I was once a world expert in a CAD software program. It's a strange feeling. But then it was _very_ specialized! And we didn't have quite as many customers as Google does!

Keep up the good work.

S


----------



## wizer (9 Dec 2008)

Now he's Steve Maskery Woodworking Superstar

Well Done Dave, stunning as usual. You must sit in front of a computer more hours than I do.


----------



## SketchUp Guru (9 Dec 2008)

Thank you gentlemen.

Steve, Thank you for the great compliment. Compared to some I've seen, I'm just hacking. 

That router did start as yours although I must admit, I've modified it fairly heavily. Probably not in noticeable ways though. Thank you for giving me the base to start with.

wizer, I don't know about that but I am wondering how I can work on SketchUp drawings while I'm driving and/or sleeping. I could get more done that way.


----------



## Steve Maskery (9 Dec 2008)

Dave R":1d29lq97 said:


> I've modified it fairly heavily.



What you mean is:

"I've modelled it properly without all the cockups that were manifestly present in your original model..."


S


----------



## SketchUp Guru (9 Dec 2008)

Nah, there weren't any cockups.
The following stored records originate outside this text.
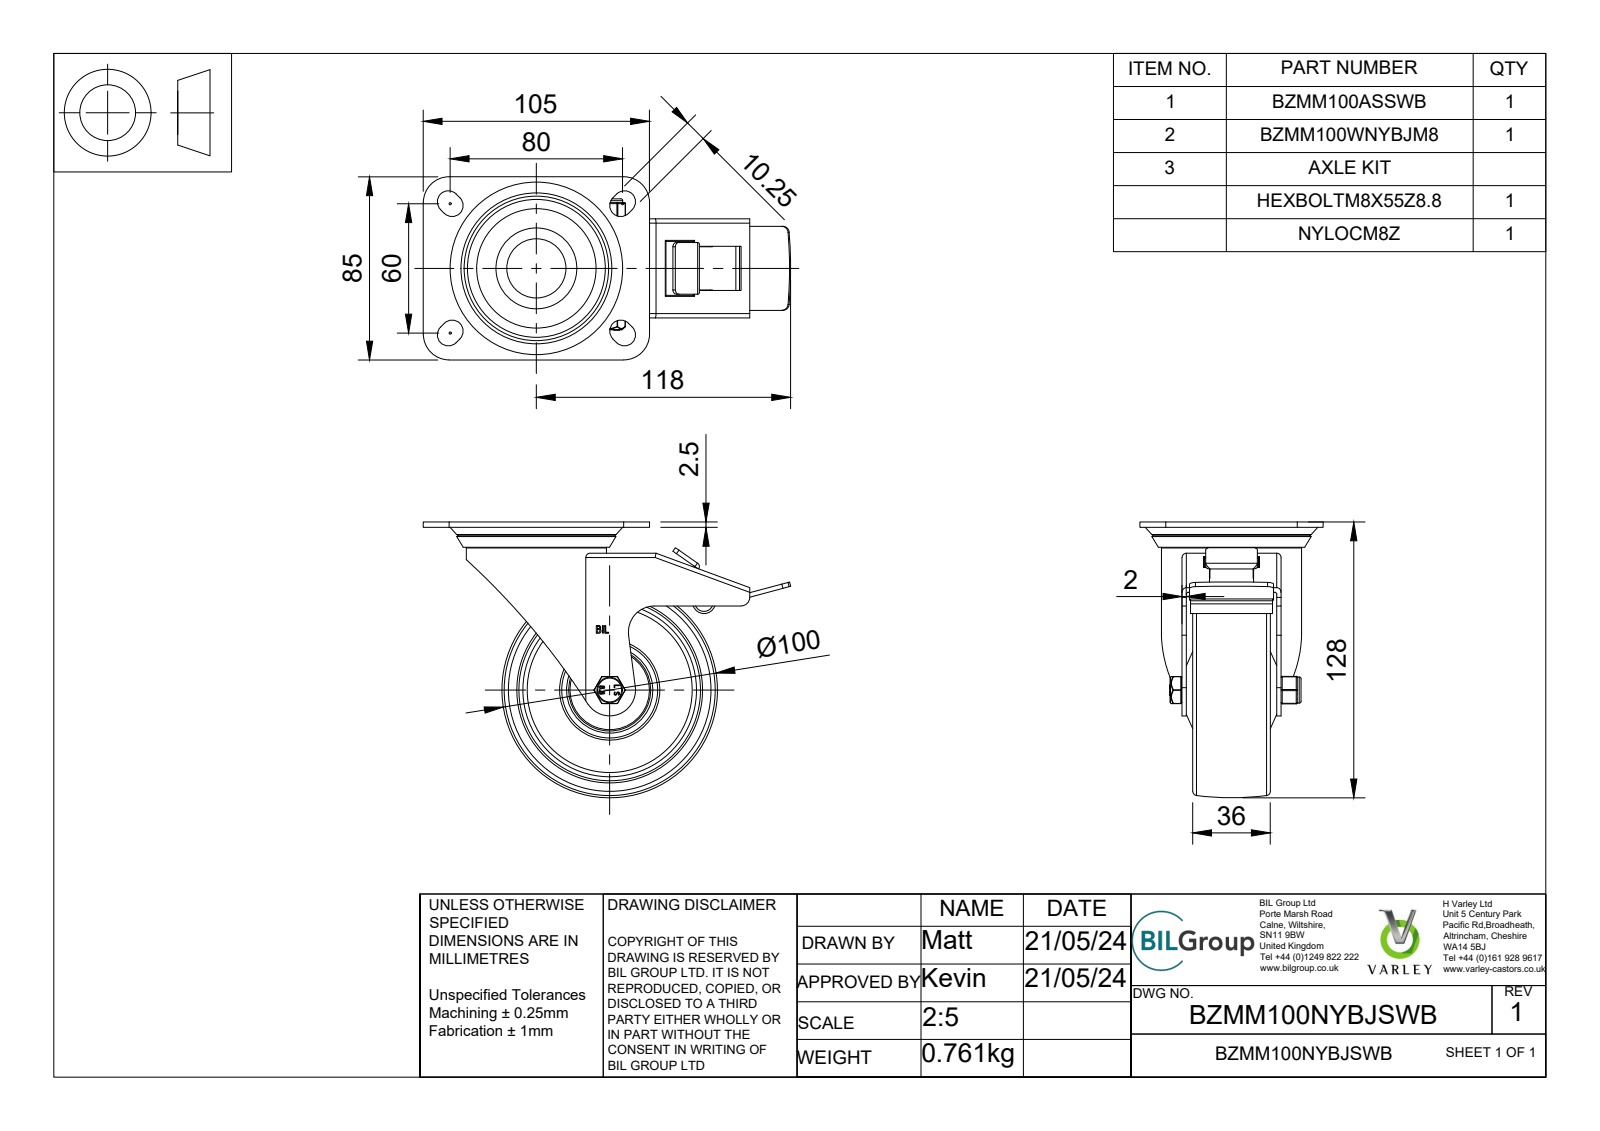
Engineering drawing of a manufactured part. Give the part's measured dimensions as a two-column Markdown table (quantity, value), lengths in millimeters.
| quantity | value |
| --- | --- |
| part name | BZMM100NYBJSWB v3; BZMM100WNYBJM8 v1; BZMM100WNYBJ; NYLON WHEEL (+8 more) |
| STEP written by | Autodesk Translation Framework v13.14.0.145 (AUTOMOTIVE_DESIGN) |
| units | millimeters |
| bodies | 48 solids, 940 faces (427 planar, 213 cylindrical, 300 other) |
| overall size | 170.5 × 128 × 85 |
| volume | 224 060 mm³ |
| surface area | 131 736 mm² |
| round holes (diameter × count) | 0.66 × 2, 8 × 1, 8.2 × 1, 8.6 × 1, 15 × 1, 20 × 1, 22.5 × 1, 25 × 1, 27.5 × 1, 30 × 1, 31 × 1, 32 × 1 |
| round bosses / shafts (diameter × count) | 65 × 1, 44.5 × 1, 38 × 1, 31.5 × 1, 30.5 × 1, 28 × 1, 23 × 1, 19 × 1 |
| partial cylindrical surfaces (radius × count) | 0.5 × 22, 0.25 × 12, 2 × 9, 5.12 × 8, 1 × 6, 12 × 6, 0.33 × 4, 0.64 × 4 |
| main face-to-face distances | 2, 26.75, 17.25, 24.75, 19.25, 44, 1, 2.5, 13, 7.5 |
| hole center spacings | 3.22, 2.49 |

It just wasn't the right color.


----------



## CNC Paul (9 Dec 2008)

Dave R":3o8ymjfm said:


> Thank you Paul.
> 
> I haven't kept track but I suppose it's a little more than 10 minutes.





You must be slowing up in old age 8) 


Paul


----------



## SketchUp Guru (9 Dec 2008)

CNC Paul":3dtcabpk said:


> Dave R":3dtcabpk said:
> 
> 
> > Thank you Paul.
> ...



It doesn't help when there's a four year old crawling on me either. :lol:


----------



## planetWayne (10 Dec 2008)

WOW!


----------



## SketchUp Guru (10 Dec 2008)

Well, it turns out I screwed it all up so I deleted it.


No. Not really. I did have to remove the numbers on the angle plate shown in the last image but that only took about 10 seconds thanks to the Delete key.

Still a bit more to do and then it should be complete.

Thanks you again to all for the nice comments.


----------



## Chems (11 Dec 2008)

Looks great, I always thought sketchup was a bit of a novice tool but obviously with a pro at the wheel it really can kick out some nice stuff.

So what is the design, looks like a woodrat jig to help do dovetail pins?


----------



## SketchUp Guru (11 Dec 2008)

Chems,

SketchUp wasn't designed to be a "novice tool" but I think since Google bought the company and released a free version, there is a preponderance of novice work. I don't mean that in a critical way. It's actually good because SketchUp is accessible.

My work pales compared to a lot of the excellent SketchUp work being done.

The machine is not a WoodRat. It's the new Router Boss. It will do dovetail pins and also sockets, mortises and tenons and all sort of other stuff. It is similar to the WoodRat in that the work is held in a clamp which can be moved left and right and the router is mounted right way up and can be moved relative to the work. It has a lot of other features not found on the Rat, however.


----------